Nor should it be overlooked that the Holocaust began in Latvia. In the second half of 1941 and during 1942, the Nazi regime deported 20,000 Jews from Germany, Austria and Czechoslovakia to Riga. To make room for this huge influx, the authorities decided to annihilate the Jews of the Riga ghetto, and so the mass killings began - mainly in the Bikernieki and Rumbula forests. By the end of 1941, an estimated 30,000 Jews had been murdered; most shot as they stood next to giant pits full of the dead. Konrad Kalejs was a recent graduate of the Latvian Military Academy when he joined the Arajs Kommando in late July 1941 - the Kommando (and the German occupation) was less than a month old. The 10-year case mounted by the United States Justice Department to deport Kalejs confirmed through exhaustive testimony that in the time immediately after Kalejs joined the Arajs Kommando, the unit liquidated thousands of civilians, mainly Jews. "Because the unit had so few members who were available to be assigned to any particular shooting operation," the US post-trial brief reads, "and because the shooting operations took place so frequently, all Latvian Auxiliary Security Police [Arajs Kommando] personnel were personally involved in the killings, even the staff of the supply department and the motorpool mechanics. These executions were supervised by officers such as Kalejs who were present at the shooting sites."
One can only guess at the number of lives lost at Kalejs' own hands. We will never really know. We are only left to deal with the unpalatable reality that Kalejs has lived virtually undisturbed since the war, gaining Australian citizenship (without divulging his war crimes record) in 1957 before moving to the United States, where he made millions through real estate dealings over a period of 35 years.
Between 1986 and 1992, Australia attempted to mount cases against a large number of suspected Nazi war criminals in our midst. Despite the efforts of the Special Investigations Unit led by Robert Greenwood QC, not one case was successfully concluded. If a little trumpet blowing may be permitted, it was the Review that successfully tracked down Konrad Kalejs in Melbourne in January 1995, which led him to flee to Canada and eventually resulted in his deportation.
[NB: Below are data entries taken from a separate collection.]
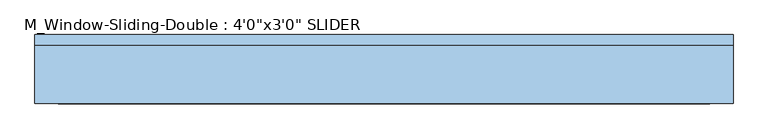
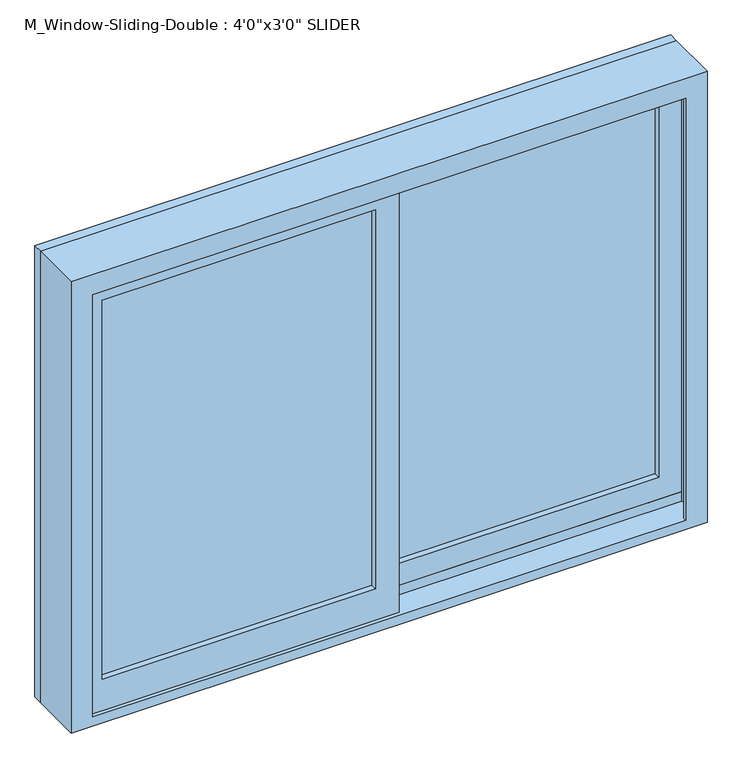
"""IFC4 building model written with IfcOpenShell, lengths in millimetres: window geometry."""

from ifc_helpers import new_model, si_unit, frame, origin, place, context, project, spatial, polyline, outline, extrude, faceted_brep, source, transform, mapped, element, save


def window_a3b47c69(model_context):
    return source(origin(), model_context, "Body", "SolidModel", [
        faceted_brep([(-609.6, 35.56, 900.0), (609.6, 35.56, 900.0), (609.6, -66.04, 900.0), (-609.6, -66.04, 900.0), (-568.6778905, -66.04, 1773.4778905), (-568.6778905, -66.04, 919.05), (-568.6778905, -59.69, 919.05), (-568.6778905, -59.69, 1773.4778905), (-590.55, -59.69, 919.05), (-590.55, -59.69, 1795.35), (590.55, -59.69, 1795.35), (590.55, -59.69, 919.05), (568.6778905, -59.69, 919.05), (568.6778905, -59.69, 1773.4778905), (-590.55, -15.24, 919.05), (-590.55, -15.24, 938.1), (-590.55, 29.21, 938.1), (-590.55, 29.21, 919.05), (-590.55, 35.56, 919.05), (-590.55, 35.56, 1795.35), (-609.6, 35.56, 1814.4), (609.6, 35.56, 1814.4), (590.55, 35.56, 1795.35), (590.55, 35.56, 919.05), (-609.6, -66.04, 1814.4), (609.6, -66.04, 1814.4), (568.6778905, -66.04, 1773.4778905), (568.6778905, -66.04, 919.05), (590.55, 29.21, 919.05), (590.55, 29.21, 938.1), (590.55, -15.24, 938.1), (590.55, -15.24, 919.05)], [[[0, 1, 2, 3]], [[4, 5, 6, 7]], [[7, 6, 8, 9, 10, 11, 12, 13]], [[9, 8, 14, 15, 16, 17, 18, 19]], [[0, 20, 21, 1], [22, 19, 18, 23]], [[24, 20, 0, 3]], [[2, 25, 24, 3], [4, 26, 27, 5]], [[7, 13, 26, 4]], [[9, 19, 22, 10]], [[20, 24, 25, 21]], [[13, 12, 27, 26]], [[22, 23, 28, 29, 30, 31, 11, 10]], [[21, 25, 2, 1]], [[27, 12, 11, 31, 14, 8, 6, 5]], [[31, 30, 15, 14]], [[30, 29, 16, 15]], [[29, 28, 17, 16]], [[18, 17, 28, 23]]]),
        extrude(outline(polyline([(1814.4, 609.6), (1814.4, -609.6), (900.0, -609.6), (900.0, 609.6), (1814.4, 609.6)]), holes=[polyline([(1795.35, -590.55), (1795.35, 590.55), (919.05, 590.55), (919.05, -590.55), (1795.35, -590.55)])]), frame((0.0, 35.56, 0.0), z_axis=(0.0, 1.0, 0.0), x_axis=(0.0, 0.0, 1.0)), (0.0, 0.0, 1.0), 19.05),
        extrude(outline(polyline([(546.1, -2.54), (22.225, -2.54), (22.225, 3.81), (546.1, 3.81), (546.1, -2.54)])), frame((0.0, 0.0, 982.55), z_axis=(0.0, 0.0, 1.0), x_axis=(1.0, 0.0, 0.0)), (0.0, 0.0, 1.0), 768.35),
        extrude(outline(polyline([(546.1, 10.16), (22.225, 10.16), (22.225, 16.51), (546.1, 16.51), (546.1, 10.16)])), frame((0.0, 0.0, 982.55), z_axis=(0.0, 0.0, 1.0), x_axis=(1.0, 0.0, 0.0)), (0.0, 0.0, 1.0), 768.35),
        extrude(outline(polyline([(-22.225, -46.99), (-546.1, -46.99), (-546.1, -40.64), (-22.225, -40.64), (-22.225, -46.99)])), frame((0.0, 0.0, 982.55), z_axis=(0.0, 0.0, 1.0), x_axis=(1.0, 0.0, 0.0)), (0.0, 0.0, 1.0), 768.35),
        extrude(outline(polyline([(-22.225, -34.29), (-546.1, -34.29), (-546.1, -27.94), (-22.225, -27.94), (-22.225, -34.29)])), frame((0.0, 0.0, 982.55), z_axis=(0.0, 0.0, 1.0), x_axis=(1.0, 0.0, 0.0)), (0.0, 0.0, 1.0), 768.35),
        extrude(outline(polyline([(919.05, 22.225), (1795.35, 22.225), (1795.35, -590.55), (919.05, -590.55), (919.05, 22.225)]), holes=[polyline([(1750.9, -546.1), (1750.9, -22.225), (982.55, -22.225), (982.55, -546.1), (1750.9, -546.1)])]), frame((0.0, -59.69, 0.0), z_axis=(0.0, 1.0, 0.0), x_axis=(0.0, 0.0, 1.0)), (0.0, 0.0, 1.0), 44.45),
        extrude(outline(polyline([(938.1, -22.225), (938.1, 590.55), (1795.35, 590.55), (1795.35, -22.225), (938.1, -22.225)]), holes=[polyline([(982.55, 546.1), (982.55, 22.225), (1750.9, 22.225), (1750.9, 546.1), (982.55, 546.1)])]), frame((0.0, -15.24, 0.0), z_axis=(0.0, 1.0, 0.0), x_axis=(0.0, 0.0, 1.0)), (0.0, 0.0, 1.0), 44.45),
    ])


if __name__ == "__main__":
    model = new_model("IFC4")
    model_context = context("Model", 3, world=origin())
    ifc_project = project(units=[si_unit("LENGTHUNIT", "METRE", prefix="MILLI")], contexts=[model_context])
    site = spatial("IfcSite", under=ifc_project)
    building = spatial("IfcBuilding", under=site)
    placement = place(None, origin())
    window_shape = window_a3b47c69(model_context)
    element("IfcWindow", 1, ObjectType="M_Window-Sliding-Double : 4'0\"x3'0\" SLIDER", at=placement, inside=building, context=model_context, shape_type="MappedRepresentation", body=[
        mapped(window_shape, transform((0.0, 0.0, 0.0), x_axis=(1.0, 0.0, 0.0), y_axis=(0.0, 1.0, 0.0), z_axis=(0.0, 0.0, 1.0))),
    ])
    save(model, "model.ifc")

# Revit data of these elements
# Type "M_Window-Sliding-Double : 4'0\"x3'0\" SLIDER"
#   Type Mark = "3"
#   Fire Rating = "0.5h"
#   Assembly Code = "B2020100"
#   Analytic Construction = "Double glazing - domestic"
#   Window Inset [instance default] = 0' - 0"
#   Wall Thickness [instance default] = 0' - 5.90551"
#   Visual Light Transmittance = 0.81
#   Thermal Resistance (R) = 1.8146 (h·ft²·°F)/BTU
#   Solar Heat Gain Coefficient = 0.76
#   Muntin Width = 1' - 8 5/8"
#   Muntin Height = 2' - 6 1/4"
#   Interior Wall Closure [instance default] = 0' - 2.65551"
#   Heat Transfer Coefficient (U) = 0.5511 BTU/(h·ft²·°F)
#   Frame Extension [instance default] = 0' - 0 1/4"
#   Exterior Wall Closure [instance default] = 0' - 1 1/4"
#   Rough Width = 4' - 0.59055"
#   Rough Height = 3' - 0.59055"
#   Height = 3' - 0"
#   Extension Jamb [instance default] = 0' - 2.65551"
#   Default Sill Height = 2' - 11.43307"
#   Width = 4' - 0"
#   Interior Trim Visibility [instance default] = yes
#   Indicator Visibility [instance default] = yes
#   Exterior Trim Visibility [instance default] = yes
#   Muntin Visibility = yes
#   Extension Jamb Visibility [instance default] = yes
#   Muntin Pattern = M_Muntin Pattern_2x2 : M_Muntin Pattern_2x2
#   Interior Trim Material = Wood - Stained
#   Interior Trim = M_Trim-Window-Interior-Flat : Picture Frame
#   Interior Frame Material = Wood - Stained
#   Glass Panel Material = Glass
#   Exterior Trim Material = Clad - White
#   Exterior Trim = M_Trim-Window-Exterior-Flat : with Sill
#   Exterior Frame Material = Clad - White
#   Wall Closure = (empty or 0)
# Element 1 (IfcWindow, "M_Window-Sliding-Double : 4'0\"x3'0\" SLIDER")
#   Wall Thickness = 0' - 4"
#   Extension Jamb = 0' - 0 3/4"
#   Materials on its faces: "Wood - Stained", "Glass", "Clad - White"
# Materials
#   "Wood - Stained": class "Wood", colour RGB 224 178 126, transparency 0, Cost = 0
#   "Glass": class "Glass", colour RGB 0 128 192, transparency 0.75, Description = "Soda Lime Glass", Cost = 0
#   "Clad - White": class "Wood", colour RGB 242 242 238, transparency 0, Cost = 0

But such victories are fleeting, as was all too apparent to us seeing Kalejs speed away down the Tullamarine Freeway to suburban anonymity last week.
So who can touch Kalejs? The Federal Government has indicated that Kalejs will be prosecuted in Australia if enough evidence can be obtained from the Canadian authorities to mount a case under the War Crimes Act. In fact, voluminous evidence has been on record from the US case since 1994, yet no action has been taken. Attorney-General Daryl Williams has already warned it may be difficult to sustain charges against Kalejs in a criminal trial. Deportation is only possible if Kalejs' citizenship is revoked, and this would require retrospective legislation - difficult, but what Canada has done, and what we should do.
It is not a happy story, which made Victorian Premier Jeff Kennett's implicit suggestion that the Jewish Community practice the "Christian" virtue of forgiveness hard to take. Forgetting the crimes of Kalejs and his ilk is plainly impossible, just as for the tragedy of the Anzacs at Gallipoli we say "lest we forget". Perhaps one day we can forgive someone like Martin Bryant - at least he was brought to justice; but Kalejs, who remains totally unrepentant, never has been and possibly never will be, and for that he can never be forgiven.